INPUT FOR THIS TASK below:
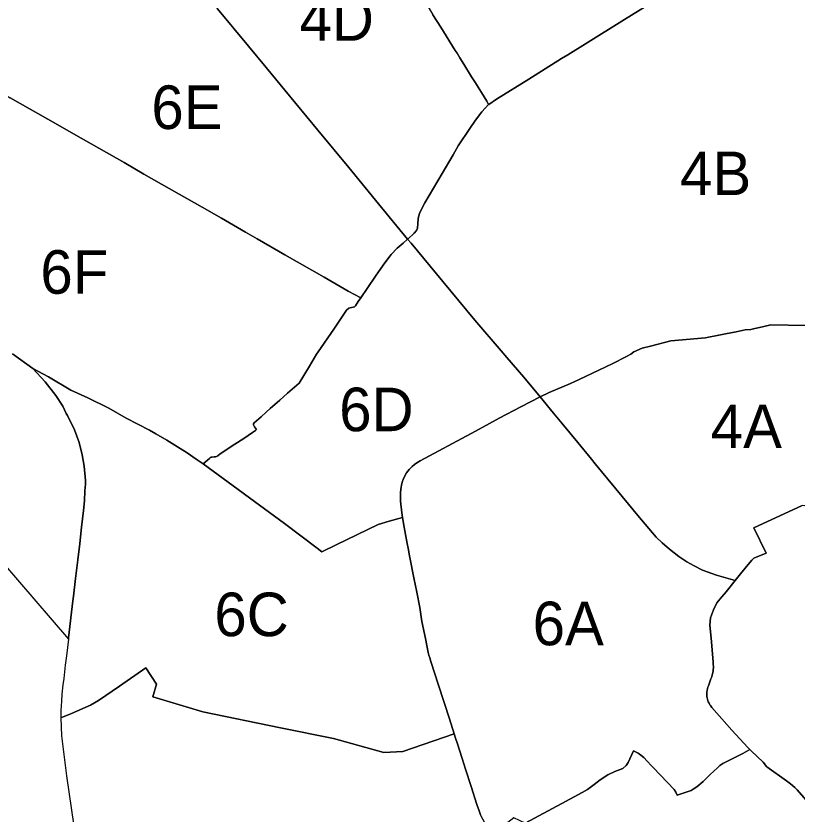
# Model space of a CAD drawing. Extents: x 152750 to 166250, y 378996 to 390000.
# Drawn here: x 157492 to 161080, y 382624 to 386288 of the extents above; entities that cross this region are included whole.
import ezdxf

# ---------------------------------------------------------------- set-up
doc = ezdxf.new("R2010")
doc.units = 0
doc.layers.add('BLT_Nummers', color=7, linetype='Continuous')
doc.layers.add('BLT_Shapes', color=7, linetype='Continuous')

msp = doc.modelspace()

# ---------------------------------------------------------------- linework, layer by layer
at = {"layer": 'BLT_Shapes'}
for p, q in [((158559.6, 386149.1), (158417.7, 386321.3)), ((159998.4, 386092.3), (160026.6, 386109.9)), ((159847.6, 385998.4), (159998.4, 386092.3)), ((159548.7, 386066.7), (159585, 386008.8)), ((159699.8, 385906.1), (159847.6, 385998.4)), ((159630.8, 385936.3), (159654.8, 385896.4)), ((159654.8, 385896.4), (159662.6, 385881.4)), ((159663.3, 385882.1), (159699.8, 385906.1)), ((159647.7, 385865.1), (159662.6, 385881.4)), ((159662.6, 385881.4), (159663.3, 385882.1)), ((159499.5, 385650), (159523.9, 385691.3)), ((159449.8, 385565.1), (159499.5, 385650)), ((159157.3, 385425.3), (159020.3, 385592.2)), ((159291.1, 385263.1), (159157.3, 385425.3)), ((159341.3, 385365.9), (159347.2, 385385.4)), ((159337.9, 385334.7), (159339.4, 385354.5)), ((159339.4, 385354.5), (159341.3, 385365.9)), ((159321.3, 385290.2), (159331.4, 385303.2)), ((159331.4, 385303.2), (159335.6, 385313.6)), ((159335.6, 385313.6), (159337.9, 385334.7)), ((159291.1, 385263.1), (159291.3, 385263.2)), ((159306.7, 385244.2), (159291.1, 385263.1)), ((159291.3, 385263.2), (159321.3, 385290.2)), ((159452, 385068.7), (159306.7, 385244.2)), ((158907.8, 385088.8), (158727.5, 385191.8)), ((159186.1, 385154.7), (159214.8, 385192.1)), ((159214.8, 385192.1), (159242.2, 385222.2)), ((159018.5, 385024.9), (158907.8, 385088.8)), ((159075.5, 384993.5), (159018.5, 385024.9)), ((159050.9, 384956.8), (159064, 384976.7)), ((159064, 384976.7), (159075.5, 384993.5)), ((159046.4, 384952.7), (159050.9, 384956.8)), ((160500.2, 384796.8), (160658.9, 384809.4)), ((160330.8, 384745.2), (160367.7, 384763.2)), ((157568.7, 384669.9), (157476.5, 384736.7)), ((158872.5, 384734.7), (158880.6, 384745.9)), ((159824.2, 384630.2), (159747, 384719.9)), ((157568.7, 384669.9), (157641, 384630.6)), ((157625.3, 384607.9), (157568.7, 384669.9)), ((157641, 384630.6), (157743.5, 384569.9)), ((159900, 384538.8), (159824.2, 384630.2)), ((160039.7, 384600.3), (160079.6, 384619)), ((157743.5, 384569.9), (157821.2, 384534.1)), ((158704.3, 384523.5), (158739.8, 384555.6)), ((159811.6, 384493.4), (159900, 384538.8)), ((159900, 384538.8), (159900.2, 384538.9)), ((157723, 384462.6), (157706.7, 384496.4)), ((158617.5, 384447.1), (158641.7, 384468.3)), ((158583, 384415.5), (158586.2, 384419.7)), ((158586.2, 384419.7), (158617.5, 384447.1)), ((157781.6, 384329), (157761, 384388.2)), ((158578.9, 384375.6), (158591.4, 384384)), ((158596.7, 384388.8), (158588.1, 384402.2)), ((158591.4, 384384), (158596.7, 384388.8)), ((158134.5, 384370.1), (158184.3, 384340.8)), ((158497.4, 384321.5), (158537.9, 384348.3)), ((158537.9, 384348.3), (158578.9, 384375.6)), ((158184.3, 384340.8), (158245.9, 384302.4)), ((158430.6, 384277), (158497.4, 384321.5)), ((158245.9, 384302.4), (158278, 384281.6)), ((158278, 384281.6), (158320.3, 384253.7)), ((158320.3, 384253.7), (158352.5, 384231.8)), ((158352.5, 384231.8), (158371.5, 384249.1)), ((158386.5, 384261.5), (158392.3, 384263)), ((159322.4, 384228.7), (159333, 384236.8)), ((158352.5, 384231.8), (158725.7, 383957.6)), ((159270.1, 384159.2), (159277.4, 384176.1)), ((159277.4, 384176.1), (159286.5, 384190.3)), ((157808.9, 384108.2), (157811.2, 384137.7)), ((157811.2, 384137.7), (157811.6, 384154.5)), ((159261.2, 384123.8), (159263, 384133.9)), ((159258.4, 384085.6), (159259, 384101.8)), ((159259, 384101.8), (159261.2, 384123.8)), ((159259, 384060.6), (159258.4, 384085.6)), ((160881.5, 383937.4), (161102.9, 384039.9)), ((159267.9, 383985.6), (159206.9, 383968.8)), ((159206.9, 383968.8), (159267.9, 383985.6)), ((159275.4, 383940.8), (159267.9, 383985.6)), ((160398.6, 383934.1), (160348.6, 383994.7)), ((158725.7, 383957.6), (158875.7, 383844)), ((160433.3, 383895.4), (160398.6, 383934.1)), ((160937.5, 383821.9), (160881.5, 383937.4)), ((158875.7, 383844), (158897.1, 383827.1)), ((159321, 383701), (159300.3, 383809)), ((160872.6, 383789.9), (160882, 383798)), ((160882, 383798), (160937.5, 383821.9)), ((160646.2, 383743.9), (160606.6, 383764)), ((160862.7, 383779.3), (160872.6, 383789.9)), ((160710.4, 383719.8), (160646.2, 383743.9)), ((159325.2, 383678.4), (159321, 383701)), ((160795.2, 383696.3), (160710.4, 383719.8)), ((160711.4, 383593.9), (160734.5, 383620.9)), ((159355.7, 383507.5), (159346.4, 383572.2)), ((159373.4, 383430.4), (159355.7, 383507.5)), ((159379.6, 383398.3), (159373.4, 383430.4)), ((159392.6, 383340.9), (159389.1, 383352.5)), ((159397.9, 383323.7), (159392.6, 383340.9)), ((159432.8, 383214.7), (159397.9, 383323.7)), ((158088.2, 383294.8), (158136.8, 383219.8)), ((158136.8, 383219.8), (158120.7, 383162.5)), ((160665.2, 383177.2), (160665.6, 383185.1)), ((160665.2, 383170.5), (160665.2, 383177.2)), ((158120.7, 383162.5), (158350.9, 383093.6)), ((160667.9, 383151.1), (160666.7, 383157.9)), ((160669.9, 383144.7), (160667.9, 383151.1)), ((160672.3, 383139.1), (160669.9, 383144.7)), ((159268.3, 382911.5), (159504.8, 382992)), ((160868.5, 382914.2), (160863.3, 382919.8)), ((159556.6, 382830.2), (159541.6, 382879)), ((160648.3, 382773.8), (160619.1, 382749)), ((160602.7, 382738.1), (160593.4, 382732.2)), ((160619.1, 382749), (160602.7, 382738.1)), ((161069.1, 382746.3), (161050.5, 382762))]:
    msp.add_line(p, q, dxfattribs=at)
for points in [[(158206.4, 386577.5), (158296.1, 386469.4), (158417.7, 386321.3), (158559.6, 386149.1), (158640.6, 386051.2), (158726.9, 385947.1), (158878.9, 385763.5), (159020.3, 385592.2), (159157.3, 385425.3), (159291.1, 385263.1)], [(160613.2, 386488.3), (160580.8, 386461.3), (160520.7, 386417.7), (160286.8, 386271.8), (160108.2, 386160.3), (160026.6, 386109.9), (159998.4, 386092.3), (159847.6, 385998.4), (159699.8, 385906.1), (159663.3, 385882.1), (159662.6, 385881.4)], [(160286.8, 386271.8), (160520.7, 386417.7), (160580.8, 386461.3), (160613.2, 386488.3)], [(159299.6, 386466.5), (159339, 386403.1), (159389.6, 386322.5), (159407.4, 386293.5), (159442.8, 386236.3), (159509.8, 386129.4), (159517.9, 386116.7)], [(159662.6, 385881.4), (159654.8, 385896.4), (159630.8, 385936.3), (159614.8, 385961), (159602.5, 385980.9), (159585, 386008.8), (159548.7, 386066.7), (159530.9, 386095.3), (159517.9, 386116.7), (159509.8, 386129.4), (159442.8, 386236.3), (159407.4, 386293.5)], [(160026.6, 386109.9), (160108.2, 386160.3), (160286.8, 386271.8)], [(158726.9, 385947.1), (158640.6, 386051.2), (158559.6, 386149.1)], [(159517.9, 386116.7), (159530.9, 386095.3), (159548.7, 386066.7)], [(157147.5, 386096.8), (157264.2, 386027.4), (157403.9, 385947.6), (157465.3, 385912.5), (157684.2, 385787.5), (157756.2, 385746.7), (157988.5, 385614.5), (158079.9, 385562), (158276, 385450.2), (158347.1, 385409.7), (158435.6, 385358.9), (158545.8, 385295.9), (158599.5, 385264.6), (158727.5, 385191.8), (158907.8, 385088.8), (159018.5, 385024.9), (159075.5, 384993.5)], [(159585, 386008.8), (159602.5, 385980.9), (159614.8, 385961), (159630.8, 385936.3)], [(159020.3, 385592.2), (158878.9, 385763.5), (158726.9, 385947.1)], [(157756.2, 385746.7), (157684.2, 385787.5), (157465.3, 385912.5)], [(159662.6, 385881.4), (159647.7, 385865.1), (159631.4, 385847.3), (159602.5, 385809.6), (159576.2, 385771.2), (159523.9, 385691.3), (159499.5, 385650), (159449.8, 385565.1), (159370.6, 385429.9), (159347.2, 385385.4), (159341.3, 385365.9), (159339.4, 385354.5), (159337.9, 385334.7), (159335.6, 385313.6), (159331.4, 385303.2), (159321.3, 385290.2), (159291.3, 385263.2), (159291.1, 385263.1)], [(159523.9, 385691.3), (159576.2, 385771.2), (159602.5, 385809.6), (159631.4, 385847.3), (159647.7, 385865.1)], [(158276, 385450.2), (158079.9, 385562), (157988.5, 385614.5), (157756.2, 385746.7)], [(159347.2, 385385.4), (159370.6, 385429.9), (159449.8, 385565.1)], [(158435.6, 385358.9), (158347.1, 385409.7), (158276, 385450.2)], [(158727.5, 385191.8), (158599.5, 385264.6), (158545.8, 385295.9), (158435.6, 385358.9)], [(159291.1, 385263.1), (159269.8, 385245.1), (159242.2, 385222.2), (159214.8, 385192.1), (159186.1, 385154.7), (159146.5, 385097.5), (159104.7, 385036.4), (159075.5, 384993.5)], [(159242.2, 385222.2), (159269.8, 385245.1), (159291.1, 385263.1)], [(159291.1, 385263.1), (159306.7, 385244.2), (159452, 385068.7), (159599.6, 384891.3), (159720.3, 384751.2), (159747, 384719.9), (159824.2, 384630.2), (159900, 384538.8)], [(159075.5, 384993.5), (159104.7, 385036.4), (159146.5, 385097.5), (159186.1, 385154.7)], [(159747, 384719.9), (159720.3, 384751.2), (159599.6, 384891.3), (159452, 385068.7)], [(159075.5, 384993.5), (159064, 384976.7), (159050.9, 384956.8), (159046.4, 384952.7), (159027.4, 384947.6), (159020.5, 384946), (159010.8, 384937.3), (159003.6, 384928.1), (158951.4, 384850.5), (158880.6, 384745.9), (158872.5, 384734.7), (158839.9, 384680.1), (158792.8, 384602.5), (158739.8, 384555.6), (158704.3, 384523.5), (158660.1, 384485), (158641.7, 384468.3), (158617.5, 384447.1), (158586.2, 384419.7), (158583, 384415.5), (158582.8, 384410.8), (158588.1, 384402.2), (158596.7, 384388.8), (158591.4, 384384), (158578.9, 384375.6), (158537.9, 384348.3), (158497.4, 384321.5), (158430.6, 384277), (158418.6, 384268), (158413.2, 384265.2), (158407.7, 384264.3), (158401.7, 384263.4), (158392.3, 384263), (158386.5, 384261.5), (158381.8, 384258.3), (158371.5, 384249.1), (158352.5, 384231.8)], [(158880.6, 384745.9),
End of INPUT FOR THIS TASK.
Track down every line in the entries that includes the string "color", and copy it.

doc.layers.add('BLT_Nummers', color=7, linetype='Continuous')
doc.layers.add('BLT_Shapes', color=7, linetype='Continuous')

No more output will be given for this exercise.